几天下来,各个方向的“暗中窥视”都反馈回了一些零碎但值得玩味的信息。
“山神杵”监测站的数据显示,自升级观测以来,“那罗”发出的古老信号(已被吴冕团队昵称为“杵波”)强度一直保持在一个非常稳定的低水平,其规律的“潮汐式”起伏没有明显变化。但传感阵列记录到数次极其短暂(毫秒级)、强度微弱但频率奇特的电磁“尖峰”脉冲,这些脉冲似乎随机出现,与“杵波”的主周期没有明显关联,也并非已知的自然或人为干扰源。同时,激光测振仪捕捉到“山神杵”巨柱及其基部岩体存在一种极其缓慢的、周期约为27小时的、振幅微乎其微的“膨胀-收缩”现象,幅度不足毫米级,但持续存在。这种现象无法用昼夜温差引起的热胀冷缩完全解释。
“就像……那根柱子,或者它下面的东西,在以一个非常慢的节奏……呼吸?”林筱筱看着振动数据图谱,感到一种莫名的寒意。
顾知今则更关注脉冲:“随机尖峰……是系统破损处的不稳定放电?还是某种……内部的‘信息处理’活动产生的泄露?”
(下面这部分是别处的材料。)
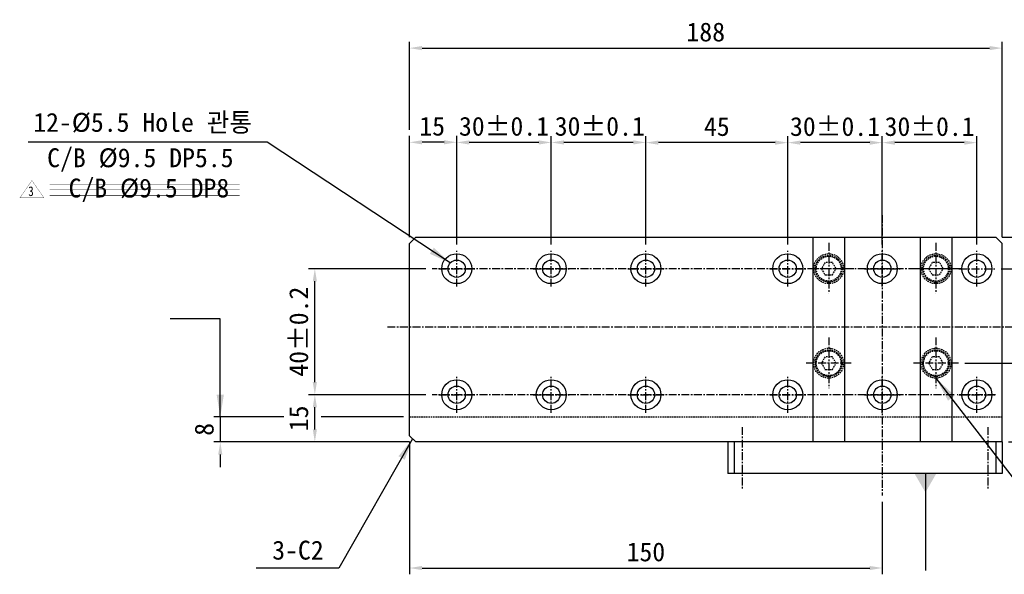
# Model space of a CAD drawing. Extents: x 2118 to 3271, y 824 to 1634.
# Tile 4 of 6: x 2745 to 3057, y 1135 to 1311. Entities that reach past the tile are written whole.
import ezdxf
from ezdxf.enums import TextEntityAlignment as Align

# ---------------------------------------------------------------- set-up
doc = ezdxf.new("R2010")
doc.units = 0
doc.header["$LTSCALE"] = 2
doc.header["$MEASUREMENT"] = 0
doc.linetypes.add('CENTER', pattern=[2, 1.25, -0.25, 0.25, -0.25])
doc.linetypes.add('HIDDEN', pattern=[0.375, 0.25, -0.125])
doc.layers.get('0').update_dxf_attribs({"linetype": 'CONTINUOUS'})
doc.layers.get('DEFPOINTS').update_dxf_attribs({"linetype": 'CONTINUOUS'})
for name, color, linetype in [('1', 3, 'CENTER'), ('CEN', 3, 'CENTER'), ('CENTERLINE', 3, 'CENTER'), ('DIMENSION', 4, 'CONTINUOUS'), ('HIDDENLINE', 5, 'HIDDEN')]:
    doc.layers.add(name, color=color, linetype=linetype)
doc.dimstyles.new('A3', dxfattribs={"dimscale": 2, "dimtxt": 3, "dimasz": 2, "dimexe": 1, "dimexo": 1, "dimgap": 1, "dimtad": 1, "dimdec": 4, "dimdsep": 46, "dimtxsty": 'Standard', "dimcen": 2.5, "dimclrd": 4, "dimclre": 4, "dimclrt": 9, "dimazin": 2, "dimtfac": 1, "dimtdec": 4, "dimtmove": 0, "dimatfit": 3, "dimfxl": 1, "dimtolj": 1, "dimarcsym": 0})

# ---------------------------------------------------------------- blocks, each defined once
blk = doc.blocks.new('*D17')
at = {"layer": 'DEFPOINTS', "color": 0}
for p in [(2838.22, 1232.03), (2875.47, 1232.03), (2875.47, 1192.03)]:
    blk.add_point(p, dxfattribs=at)
at = {"layer": 'DIMENSION', "color": 4, "lineweight": -2}
for p, q in [((2873.47, 1232.03), (2836.22, 1232.03)), ((2838.22, 1196.03), (2838.22, 1228.03)), ((2873.47, 1192.03), (2836.22, 1192.03))]:
    blk.add_line(p, q, dxfattribs=at)
at = {"layer": 'DIMENSION', "color": 4}
for points in [[(2837.56, 1228.03), (2838.89, 1228.03), (2838.22, 1232.03)], [(2837.56, 1196.03), (2838.89, 1196.03), (2838.22, 1192.03)]]:
    blk.add_solid(points, dxfattribs=at)
at = {"layer": 'DIMENSION', "color": 9, "insert": (2833.14, 1212.03), "char_height": 6, "attachment_point": 5, "rotation": 90}
blk.add_mtext('\\A1;40%%P0.2', dxfattribs=at)
blk = doc.blocks.new('*D18')
at = {"layer": 'DEFPOINTS', "color": 0}
for p in [(3053.92, 1232.03), (3086.22, 1232.03), (3042.37, 1202.03)]:
    blk.add_point(p, dxfattribs=at)
at = {"layer": 'DIMENSION', "color": 4, "lineweight": -2}
for p, q in [((3055.92, 1232.03), (3088.22, 1232.03)), ((3086.22, 1206.03), (3086.22, 1228.03)), ((3044.37, 1202.03), (3088.22, 1202.03))]:
    blk.add_line(p, q, dxfattribs=at)
at = {"layer": 'DIMENSION', "color": 4}
for points in [[(3085.56, 1228.03), (3086.89, 1228.03), (3086.22, 1232.03)], [(3085.56, 1206.03), (3086.89, 1206.03), (3086.22, 1202.03)]]:
    blk.add_solid(points, dxfattribs=at)
at = {"layer": 'DIMENSION', "color": 9, "insert": (3081.15, 1217.03), "char_height": 6, "attachment_point": 5, "rotation": 90}
blk.add_mtext('\\A1;30', dxfattribs=at)
blk = doc.blocks.new('*D19')
at = {"layer": 'DEFPOINTS', "color": 0}
for p in [(3054.22, 1242.03), (3116.22, 1242.03), (3088.22, 1177.03)]:
    blk.add_point(p, dxfattribs=at)
at = {"layer": 'DIMENSION', "color": 4, "lineweight": -2}
for p, q in [((3056.22, 1242.03), (3118.22, 1242.03)), ((3116.22, 1181.03), (3116.22, 1238.03)), ((3090.22, 1177.03), (3118.22, 1177.03))]:
    blk.add_line(p, q, dxfattribs=at)
at = {"layer": 'DIMENSION', "color": 4}
for points in [[(3115.56, 1238.03), (3116.89, 1238.03), (3116.22, 1242.03)], [(3115.56, 1181.03), (3116.89, 1181.03), (3116.22, 1177.03)]]:
    blk.add_solid(points, dxfattribs=at)
at = {"layer": 'DIMENSION', "color": 9, "insert": (3111.15, 1209.53), "char_height": 6, "attachment_point": 5, "rotation": 90}
blk.add_mtext('\\A1;65', dxfattribs=at)
blk = doc.blocks.new('*D20')
at = {"layer": 'DEFPOINTS', "color": 0}
for p in [(2868.22, 1179.03), (3018.22, 1160.03), (3018.22, 1137.03)]:
    blk.add_point(p, dxfattribs=at)
at = {"layer": 'DIMENSION', "color": 4, "lineweight": -2}
for p, q in [((2868.22, 1177.03), (2868.22, 1135.03)), ((3018.22, 1158.03), (3018.22, 1135.03)), ((2872.22, 1137.03), (3014.22, 1137.03))]:
    blk.add_line(p, q, dxfattribs=at)
at = {"layer": 'DIMENSION', "color": 4}
for points in [[(2872.22, 1137.69), (2872.22, 1136.36), (2868.22, 1137.03)], [(3014.22, 1137.69), (3014.22, 1136.36), (3018.22, 1137.03)]]:
    blk.add_solid(points, dxfattribs=at)
at = {"layer": 'DIMENSION', "color": 9, "insert": (2943.22, 1142.11), "char_height": 6, "attachment_point": 5}
blk.add_mtext('\\A1;150', dxfattribs=at)
blk = doc.blocks.new('*D21')
at = {"layer": 'DEFPOINTS', "color": 0}
for p in [(2830.38, 1185.03), (2808.22, 1177.03), (2870.22, 1177.03)]:
    blk.add_point(p, dxfattribs=at)
at = {"layer": 'DIMENSION', "color": 4, "lineweight": -2}
for p, q in [((2808.22, 1189.03), (2808.22, 1193.03)), ((2828.38, 1185.03), (2806.22, 1185.03)), ((2808.22, 1185.03), (2808.22, 1177.03)), ((2868.22, 1177.03), (2806.22, 1177.03)), ((2808.22, 1173.03), (2808.22, 1169.03))]:
    blk.add_line(p, q, dxfattribs=at)
at = {"layer": 'DIMENSION', "color": 4}
for points in [[(2807.56, 1189.03), (2808.89, 1189.03), (2808.22, 1185.03)], [(2807.56, 1173.03), (2808.89, 1173.03), (2808.22, 1177.03)]]:
    blk.add_solid(points, dxfattribs=at)
at = {"layer": 'DIMENSION', "color": 9, "insert": (2803.15, 1181.03), "char_height": 6, "attachment_point": 5, "rotation": 90}
blk.add_mtext('\\A1;8', dxfattribs=at)
blk = doc.blocks.new('*D22')
at = {"layer": 'DEFPOINTS', "color": 0}
for p in [(2838.22, 1192.03), (2875.47, 1192.03), (2870.22, 1177.03)]:
    blk.add_point(p, dxfattribs=at)
at = {"layer": 'DIMENSION', "color": 4, "lineweight": -2}
for p, q in [((2873.47, 1192.03), (2836.22, 1192.03)), ((2838.22, 1181.03), (2838.22, 1188.03)), ((2868.22, 1177.03), (2836.22, 1177.03))]:
    blk.add_line(p, q, dxfattribs=at)
at = {"layer": 'DIMENSION', "color": 4}
for points in [[(2837.56, 1188.03), (2838.89, 1188.03), (2838.22, 1192.03)], [(2837.56, 1181.03), (2838.89, 1181.03), (2838.22, 1177.03)]]:
    blk.add_solid(points, dxfattribs=at)
at = {"layer": 'DIMENSION', "color": 9, "insert": (2833.14, 1184.53), "char_height": 6, "attachment_point": 5, "rotation": 90}
blk.add_mtext('\\A1;15', dxfattribs=at)
blk = doc.blocks.new('*D23')
at = {"layer": 'DEFPOINTS', "color": 0}
for p in [(3042.37, 1202.03), (3086.22, 1202.03), (3056.22, 1177.03)]:
    blk.add_point(p, dxfattribs=at)
at = {"layer": 'DIMENSION', "color": 4, "lineweight": -2}
for p, q in [((3044.37, 1202.03), (3088.22, 1202.03)), ((3086.22, 1181.03), (3086.22, 1198.03)), ((3058.22, 1177.03), (3088.22, 1177.03))]:
    blk.add_line(p, q, dxfattribs=at)
at = {"layer": 'DIMENSION', "color": 4}
for points in [[(3085.56, 1198.03), (3086.89, 1198.03), (3086.22, 1202.03)], [(3085.56, 1181.03), (3086.89, 1181.03), (3086.22, 1177.03)]]:
    blk.add_solid(points, dxfattribs=at)
at = {"layer": 'DIMENSION', "color": 9, "insert": (3081.15, 1189.53), "char_height": 6, "attachment_point": 5, "rotation": 90}
blk.add_mtext('\\A1;25', dxfattribs=at)
blk = doc.blocks.new('*D24')
at = {"layer": 'DEFPOINTS', "color": 0}
for p in [(2943.22, 1272.03), (2943.22, 1237.73), (2988.22, 1237.73)]:
    blk.add_point(p, dxfattribs=at)
at = {"layer": 'DIMENSION', "color": 4, "lineweight": -2}
for p, q in [((2943.22, 1239.73), (2943.22, 1274.03)), ((2984.22, 1272.03), (2947.22, 1272.03)), ((2988.22, 1239.73), (2988.22, 1274.03))]:
    blk.add_line(p, q, dxfattribs=at)
at = {"layer": 'DIMENSION', "color": 4}
for points in [[(2947.22, 1272.7), (2947.22, 1271.36), (2943.22, 1272.03)], [(2984.22, 1272.7), (2984.22, 1271.36), (2988.22, 1272.03)]]:
    blk.add_solid(points, dxfattribs=at)
at = {"layer": 'DIMENSION', "color": 9, "insert": (2965.72, 1277.11), "char_height": 6, "attachment_point": 5}
blk.add_mtext('\\A1;45', dxfattribs=at)
blk = doc.blocks.new('*D25')
at = {"layer": 'DEFPOINTS', "color": 0}
for p in [(3056.22, 1302.03), (2868.22, 1274.14), (3056.22, 1240.03)]:
    blk.add_point(p, dxfattribs=at)
at = {"layer": 'DIMENSION', "color": 4, "lineweight": -2}
for p, q in [((2868.22, 1276.14), (2868.22, 1304.03)), ((3056.22, 1242.03), (3056.22, 1304.03)), ((2872.22, 1302.03), (3052.22, 1302.03))]:
    blk.add_line(p, q, dxfattribs=at)
at = {"layer": 'DIMENSION', "color": 4}
for points in [[(2872.22, 1302.7), (2872.22, 1301.36), (2868.22, 1302.03)], [(3052.22, 1302.7), (3052.22, 1301.36), (3056.22, 1302.03)]]:
    blk.add_solid(points, dxfattribs=at)
at = {"layer": 'DIMENSION', "color": 9, "insert": (2962.22, 1307.11), "char_height": 6, "attachment_point": 5}
blk.add_mtext('\\A1;188', dxfattribs=at)
blk = doc.blocks.new('*D26')
at = {"layer": 'DEFPOINTS', "color": 0}
for p in [(2883.22, 1272.09), (2883.22, 1237.73), (2913.22, 1237.73)]:
    blk.add_point(p, dxfattribs=at)
at = {"layer": 'DIMENSION', "color": 4, "lineweight": -2}
for p, q in [((2883.22, 1239.73), (2883.22, 1274.09)), ((2909.22, 1272.09), (2887.22, 1272.09)), ((2913.22, 1239.73), (2913.22, 1274.09))]:
    blk.add_line(p, q, dxfattribs=at)
at = {"layer": 'DIMENSION', "color": 4}
for points in [[(2887.22, 1272.76), (2887.22, 1271.43), (2883.22, 1272.09)], [(2909.22, 1272.76), (2909.22, 1271.43), (2913.22, 1272.09)]]:
    blk.add_solid(points, dxfattribs=at)
at = {"layer": 'DIMENSION', "color": 9, "insert": (2898.22, 1277.18), "char_height": 6, "attachment_point": 5}
blk.add_mtext('\\A1;30%%P0.1', dxfattribs=at)
blk = doc.blocks.new('*D27')
at = {"layer": 'DEFPOINTS', "color": 0}
for p in [(2868.22, 1272.14), (2868.22, 1240.03), (2883.22, 1237.73)]:
    blk.add_point(p, dxfattribs=at)
at = {"layer": 'DIMENSION', "color": 4, "lineweight": -2}
for p, q in [((2868.22, 1242.03), (2868.22, 1274.14)), ((2879.22, 1272.14), (2872.22, 1272.14)), ((2883.22, 1239.73), (2883.22, 1274.14))]:
    blk.add_line(p, q, dxfattribs=at)
at = {"layer": 'DIMENSION', "color": 4}
for points in [[(2872.22, 1272.8), (2872.22, 1271.47), (2868.22, 1272.14)], [(2879.22, 1272.8), (2879.22, 1271.47), (2883.22, 1272.14)]]:
    blk.add_solid(points, dxfattribs=at)
at = {"layer": 'DIMENSION', "color": 9, "insert": (2875.44, 1277.22), "char_height": 6, "attachment_point": 5}
blk.add_mtext('\\A1;15', dxfattribs=at)
blk = doc.blocks.new('*D28')
at = {"layer": 'DEFPOINTS', "color": 0}
for p in [(2913.22, 1272.09), (2913.22, 1237.73), (2943.22, 1237.73)]:
    blk.add_point(p, dxfattribs=at)
at = {"layer": 'DIMENSION', "color": 4, "lineweight": -2}
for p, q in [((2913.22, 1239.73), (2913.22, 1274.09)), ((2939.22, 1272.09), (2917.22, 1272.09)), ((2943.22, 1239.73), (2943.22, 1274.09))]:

对曼那囡的卫星和航拍监测则发现,这个寨子确实如同一个逐渐凝固的时间胶囊。过去一周内,观察到明确的人类户外活动(走出竹楼)次数不超过十次,涉及人员似乎只有四到五人(包括那位持杖老妪和冷硬中年男子)。炊烟每天早晚各出现一次,来源固定为三栋竹楼。没有看到任何农耕、采集或饲养家畜的活动迹象。寨子周围的几小片疑似旧时旱地的区域已经完全被次生灌木覆盖。整个寨子呈现出一种缓慢但不可逆转的“衰亡”与“收缩”状态。